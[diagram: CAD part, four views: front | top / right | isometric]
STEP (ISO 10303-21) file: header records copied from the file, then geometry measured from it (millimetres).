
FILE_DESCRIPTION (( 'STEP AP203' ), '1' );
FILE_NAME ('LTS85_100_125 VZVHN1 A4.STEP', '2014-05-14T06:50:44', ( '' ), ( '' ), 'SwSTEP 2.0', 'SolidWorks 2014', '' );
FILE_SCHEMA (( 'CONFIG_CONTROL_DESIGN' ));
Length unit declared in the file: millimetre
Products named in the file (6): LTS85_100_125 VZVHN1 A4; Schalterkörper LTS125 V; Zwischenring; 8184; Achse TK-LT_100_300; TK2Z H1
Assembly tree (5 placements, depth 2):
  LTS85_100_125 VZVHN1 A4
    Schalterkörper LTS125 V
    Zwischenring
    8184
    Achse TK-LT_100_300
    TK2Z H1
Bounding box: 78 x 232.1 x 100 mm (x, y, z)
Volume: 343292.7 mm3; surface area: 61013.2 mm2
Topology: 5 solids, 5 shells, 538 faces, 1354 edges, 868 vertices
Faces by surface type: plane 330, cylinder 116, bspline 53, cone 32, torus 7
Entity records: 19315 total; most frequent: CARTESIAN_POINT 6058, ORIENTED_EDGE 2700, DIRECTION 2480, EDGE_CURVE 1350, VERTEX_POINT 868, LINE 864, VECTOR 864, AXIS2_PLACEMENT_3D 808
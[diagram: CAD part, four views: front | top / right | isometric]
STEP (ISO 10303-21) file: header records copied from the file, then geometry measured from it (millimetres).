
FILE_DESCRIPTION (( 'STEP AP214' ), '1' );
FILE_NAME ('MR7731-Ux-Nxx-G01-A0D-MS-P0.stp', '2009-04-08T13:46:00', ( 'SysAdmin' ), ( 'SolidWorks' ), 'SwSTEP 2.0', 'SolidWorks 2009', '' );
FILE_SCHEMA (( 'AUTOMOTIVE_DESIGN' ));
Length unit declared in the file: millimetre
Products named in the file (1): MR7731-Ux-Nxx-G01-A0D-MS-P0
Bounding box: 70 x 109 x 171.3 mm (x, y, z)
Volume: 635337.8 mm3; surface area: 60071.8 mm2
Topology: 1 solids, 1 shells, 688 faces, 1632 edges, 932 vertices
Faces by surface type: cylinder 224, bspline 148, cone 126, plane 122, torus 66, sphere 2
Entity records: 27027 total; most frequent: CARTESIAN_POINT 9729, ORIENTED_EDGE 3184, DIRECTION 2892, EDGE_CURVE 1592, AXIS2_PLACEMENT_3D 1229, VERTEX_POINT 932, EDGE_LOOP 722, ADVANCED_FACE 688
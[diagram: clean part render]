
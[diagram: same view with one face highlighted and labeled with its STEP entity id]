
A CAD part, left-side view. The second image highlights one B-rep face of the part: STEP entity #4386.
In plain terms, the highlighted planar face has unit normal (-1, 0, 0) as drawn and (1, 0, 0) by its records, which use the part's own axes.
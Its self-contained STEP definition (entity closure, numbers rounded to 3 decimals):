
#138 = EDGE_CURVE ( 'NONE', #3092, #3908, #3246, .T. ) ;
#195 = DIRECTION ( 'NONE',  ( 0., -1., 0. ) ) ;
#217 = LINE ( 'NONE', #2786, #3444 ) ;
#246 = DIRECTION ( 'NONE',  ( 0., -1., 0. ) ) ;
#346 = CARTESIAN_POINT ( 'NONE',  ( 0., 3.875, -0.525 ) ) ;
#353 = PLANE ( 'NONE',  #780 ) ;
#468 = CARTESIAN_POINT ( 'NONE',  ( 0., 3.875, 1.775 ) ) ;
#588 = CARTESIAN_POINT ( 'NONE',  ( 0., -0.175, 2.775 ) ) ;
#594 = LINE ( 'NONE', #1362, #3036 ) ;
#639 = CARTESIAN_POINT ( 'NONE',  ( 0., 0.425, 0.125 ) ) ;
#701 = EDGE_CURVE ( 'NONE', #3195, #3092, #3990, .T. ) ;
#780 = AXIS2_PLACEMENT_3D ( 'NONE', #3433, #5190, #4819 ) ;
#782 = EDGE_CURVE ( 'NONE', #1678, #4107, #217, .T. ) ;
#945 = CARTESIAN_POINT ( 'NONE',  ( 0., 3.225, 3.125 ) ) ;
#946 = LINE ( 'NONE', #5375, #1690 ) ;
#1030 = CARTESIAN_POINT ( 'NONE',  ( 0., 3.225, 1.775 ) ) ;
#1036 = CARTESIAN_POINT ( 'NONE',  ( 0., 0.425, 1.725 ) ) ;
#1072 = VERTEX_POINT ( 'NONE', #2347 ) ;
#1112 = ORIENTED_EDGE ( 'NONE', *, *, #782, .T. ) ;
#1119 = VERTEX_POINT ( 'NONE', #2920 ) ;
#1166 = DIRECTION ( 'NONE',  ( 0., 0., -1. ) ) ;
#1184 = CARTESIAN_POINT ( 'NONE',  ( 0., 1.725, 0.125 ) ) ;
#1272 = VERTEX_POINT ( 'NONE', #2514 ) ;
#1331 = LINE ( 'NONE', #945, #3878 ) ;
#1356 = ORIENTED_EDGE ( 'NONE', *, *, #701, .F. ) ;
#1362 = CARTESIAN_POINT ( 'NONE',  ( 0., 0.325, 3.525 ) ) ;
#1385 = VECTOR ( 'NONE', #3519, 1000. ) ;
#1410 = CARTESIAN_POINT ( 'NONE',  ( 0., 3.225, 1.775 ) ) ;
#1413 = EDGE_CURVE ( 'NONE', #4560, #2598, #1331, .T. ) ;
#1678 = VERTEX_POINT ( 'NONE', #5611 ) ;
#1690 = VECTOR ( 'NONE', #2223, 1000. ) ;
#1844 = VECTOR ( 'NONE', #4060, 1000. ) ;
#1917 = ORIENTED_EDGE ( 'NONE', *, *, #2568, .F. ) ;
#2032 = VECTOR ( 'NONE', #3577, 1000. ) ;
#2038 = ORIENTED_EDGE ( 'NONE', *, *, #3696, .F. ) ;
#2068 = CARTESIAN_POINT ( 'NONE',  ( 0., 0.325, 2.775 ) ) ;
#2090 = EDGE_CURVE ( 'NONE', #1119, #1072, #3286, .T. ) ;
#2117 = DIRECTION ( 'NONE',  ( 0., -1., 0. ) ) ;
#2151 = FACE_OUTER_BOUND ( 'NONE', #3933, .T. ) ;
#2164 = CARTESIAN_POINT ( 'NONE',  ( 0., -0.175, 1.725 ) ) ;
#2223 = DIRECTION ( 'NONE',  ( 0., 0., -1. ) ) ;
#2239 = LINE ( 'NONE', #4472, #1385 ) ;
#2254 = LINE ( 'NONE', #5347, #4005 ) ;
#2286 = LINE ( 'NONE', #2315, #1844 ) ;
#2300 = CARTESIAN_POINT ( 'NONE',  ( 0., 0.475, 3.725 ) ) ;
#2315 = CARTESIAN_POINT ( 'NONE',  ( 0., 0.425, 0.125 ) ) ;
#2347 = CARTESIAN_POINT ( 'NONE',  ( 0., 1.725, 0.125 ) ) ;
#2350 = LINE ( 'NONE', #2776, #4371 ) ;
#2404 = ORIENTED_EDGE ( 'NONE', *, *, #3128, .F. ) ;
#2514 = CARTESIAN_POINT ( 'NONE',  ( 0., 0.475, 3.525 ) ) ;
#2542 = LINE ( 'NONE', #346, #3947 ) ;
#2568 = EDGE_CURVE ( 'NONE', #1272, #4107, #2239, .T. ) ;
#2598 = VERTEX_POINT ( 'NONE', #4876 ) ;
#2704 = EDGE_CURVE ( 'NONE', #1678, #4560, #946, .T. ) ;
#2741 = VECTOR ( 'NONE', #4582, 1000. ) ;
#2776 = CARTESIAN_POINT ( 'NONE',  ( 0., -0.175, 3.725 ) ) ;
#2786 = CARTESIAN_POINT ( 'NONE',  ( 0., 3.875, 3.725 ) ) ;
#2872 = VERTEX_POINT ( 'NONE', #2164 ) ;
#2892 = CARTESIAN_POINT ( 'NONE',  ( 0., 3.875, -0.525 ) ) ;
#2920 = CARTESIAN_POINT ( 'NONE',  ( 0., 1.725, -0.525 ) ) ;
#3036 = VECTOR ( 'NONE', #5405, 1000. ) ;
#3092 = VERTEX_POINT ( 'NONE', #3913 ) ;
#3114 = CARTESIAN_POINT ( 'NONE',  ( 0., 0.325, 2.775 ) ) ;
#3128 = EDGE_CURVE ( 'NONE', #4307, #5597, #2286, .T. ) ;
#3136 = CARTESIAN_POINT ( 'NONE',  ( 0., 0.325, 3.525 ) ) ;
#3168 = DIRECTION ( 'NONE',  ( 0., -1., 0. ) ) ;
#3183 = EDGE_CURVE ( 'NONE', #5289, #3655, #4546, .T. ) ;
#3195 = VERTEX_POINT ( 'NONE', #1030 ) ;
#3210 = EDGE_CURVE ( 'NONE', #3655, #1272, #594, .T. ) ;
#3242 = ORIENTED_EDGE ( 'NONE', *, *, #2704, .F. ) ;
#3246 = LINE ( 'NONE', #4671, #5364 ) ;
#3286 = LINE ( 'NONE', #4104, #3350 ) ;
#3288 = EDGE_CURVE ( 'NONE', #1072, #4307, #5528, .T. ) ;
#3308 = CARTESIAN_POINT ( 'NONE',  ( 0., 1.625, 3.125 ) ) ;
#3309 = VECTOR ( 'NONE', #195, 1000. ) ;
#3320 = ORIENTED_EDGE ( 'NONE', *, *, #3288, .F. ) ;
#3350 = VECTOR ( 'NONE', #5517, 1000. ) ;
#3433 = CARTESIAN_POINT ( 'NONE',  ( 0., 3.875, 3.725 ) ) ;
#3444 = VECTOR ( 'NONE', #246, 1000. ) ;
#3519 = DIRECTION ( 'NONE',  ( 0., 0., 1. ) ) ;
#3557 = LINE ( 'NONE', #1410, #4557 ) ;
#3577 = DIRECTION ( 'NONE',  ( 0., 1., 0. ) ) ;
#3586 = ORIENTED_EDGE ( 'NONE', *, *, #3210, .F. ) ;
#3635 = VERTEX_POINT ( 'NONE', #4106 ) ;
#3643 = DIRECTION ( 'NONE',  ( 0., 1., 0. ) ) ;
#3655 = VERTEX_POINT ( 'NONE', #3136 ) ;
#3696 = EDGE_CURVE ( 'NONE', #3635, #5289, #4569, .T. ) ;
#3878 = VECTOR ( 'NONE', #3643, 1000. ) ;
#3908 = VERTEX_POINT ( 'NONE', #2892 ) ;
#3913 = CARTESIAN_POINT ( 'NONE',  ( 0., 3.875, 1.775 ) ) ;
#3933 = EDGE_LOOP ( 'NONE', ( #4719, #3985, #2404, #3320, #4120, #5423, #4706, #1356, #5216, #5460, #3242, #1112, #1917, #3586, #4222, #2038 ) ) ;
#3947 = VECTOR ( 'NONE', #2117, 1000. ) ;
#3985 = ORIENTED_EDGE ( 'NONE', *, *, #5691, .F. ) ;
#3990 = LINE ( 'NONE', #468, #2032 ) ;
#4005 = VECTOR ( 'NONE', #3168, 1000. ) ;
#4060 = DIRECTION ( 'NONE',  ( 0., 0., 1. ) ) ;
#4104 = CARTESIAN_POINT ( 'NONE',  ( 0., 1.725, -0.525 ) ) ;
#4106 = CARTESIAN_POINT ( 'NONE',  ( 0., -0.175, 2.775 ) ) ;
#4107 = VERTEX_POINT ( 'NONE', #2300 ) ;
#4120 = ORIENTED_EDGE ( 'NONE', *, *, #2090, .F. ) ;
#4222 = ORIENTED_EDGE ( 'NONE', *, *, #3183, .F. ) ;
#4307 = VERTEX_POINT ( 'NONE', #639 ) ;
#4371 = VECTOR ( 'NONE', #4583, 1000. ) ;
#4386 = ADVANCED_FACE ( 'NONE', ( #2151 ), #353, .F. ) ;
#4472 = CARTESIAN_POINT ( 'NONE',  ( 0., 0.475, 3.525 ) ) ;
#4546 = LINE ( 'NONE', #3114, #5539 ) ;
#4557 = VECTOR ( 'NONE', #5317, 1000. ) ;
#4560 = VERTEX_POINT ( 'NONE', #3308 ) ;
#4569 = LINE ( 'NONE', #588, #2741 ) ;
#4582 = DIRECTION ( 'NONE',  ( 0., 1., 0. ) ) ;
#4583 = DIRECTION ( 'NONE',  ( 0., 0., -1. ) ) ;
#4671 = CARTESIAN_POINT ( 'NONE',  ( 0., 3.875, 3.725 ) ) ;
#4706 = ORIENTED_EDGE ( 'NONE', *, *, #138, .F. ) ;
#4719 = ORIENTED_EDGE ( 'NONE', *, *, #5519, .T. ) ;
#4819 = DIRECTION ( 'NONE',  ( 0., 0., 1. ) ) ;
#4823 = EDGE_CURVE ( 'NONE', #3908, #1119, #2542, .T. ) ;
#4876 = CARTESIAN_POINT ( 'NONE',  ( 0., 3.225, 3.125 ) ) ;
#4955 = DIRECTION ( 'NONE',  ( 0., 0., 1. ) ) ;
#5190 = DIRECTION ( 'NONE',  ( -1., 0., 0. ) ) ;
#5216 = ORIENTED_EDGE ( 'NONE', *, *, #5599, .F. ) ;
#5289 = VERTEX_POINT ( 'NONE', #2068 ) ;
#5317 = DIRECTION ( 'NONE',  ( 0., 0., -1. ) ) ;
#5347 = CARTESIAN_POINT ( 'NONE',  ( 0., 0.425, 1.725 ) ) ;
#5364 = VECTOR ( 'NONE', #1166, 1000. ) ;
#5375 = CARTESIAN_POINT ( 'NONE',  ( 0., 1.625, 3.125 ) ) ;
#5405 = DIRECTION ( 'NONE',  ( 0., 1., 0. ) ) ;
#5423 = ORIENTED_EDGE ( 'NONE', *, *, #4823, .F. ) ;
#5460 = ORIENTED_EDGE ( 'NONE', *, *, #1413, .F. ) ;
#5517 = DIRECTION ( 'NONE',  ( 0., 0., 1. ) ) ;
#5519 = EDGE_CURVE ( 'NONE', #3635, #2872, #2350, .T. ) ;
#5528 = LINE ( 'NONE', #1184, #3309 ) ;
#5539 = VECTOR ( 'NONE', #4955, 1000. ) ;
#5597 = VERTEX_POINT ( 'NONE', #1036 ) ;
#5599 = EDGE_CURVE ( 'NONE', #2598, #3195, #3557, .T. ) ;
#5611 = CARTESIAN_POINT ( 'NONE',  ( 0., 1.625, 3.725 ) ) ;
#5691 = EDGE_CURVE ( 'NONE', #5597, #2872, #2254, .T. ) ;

REQUIRED ACTION:
Every line above that holds the word "type" needs to be copied.

SOLUTION TO THE PROBLEM:
Faces by surface type: plane 330, cylinder 116, bspline 53, cone 32, torus 7
Faces by surface type: cylinder 224, bspline 148, cone 126, plane 122, torus 66, sphere 2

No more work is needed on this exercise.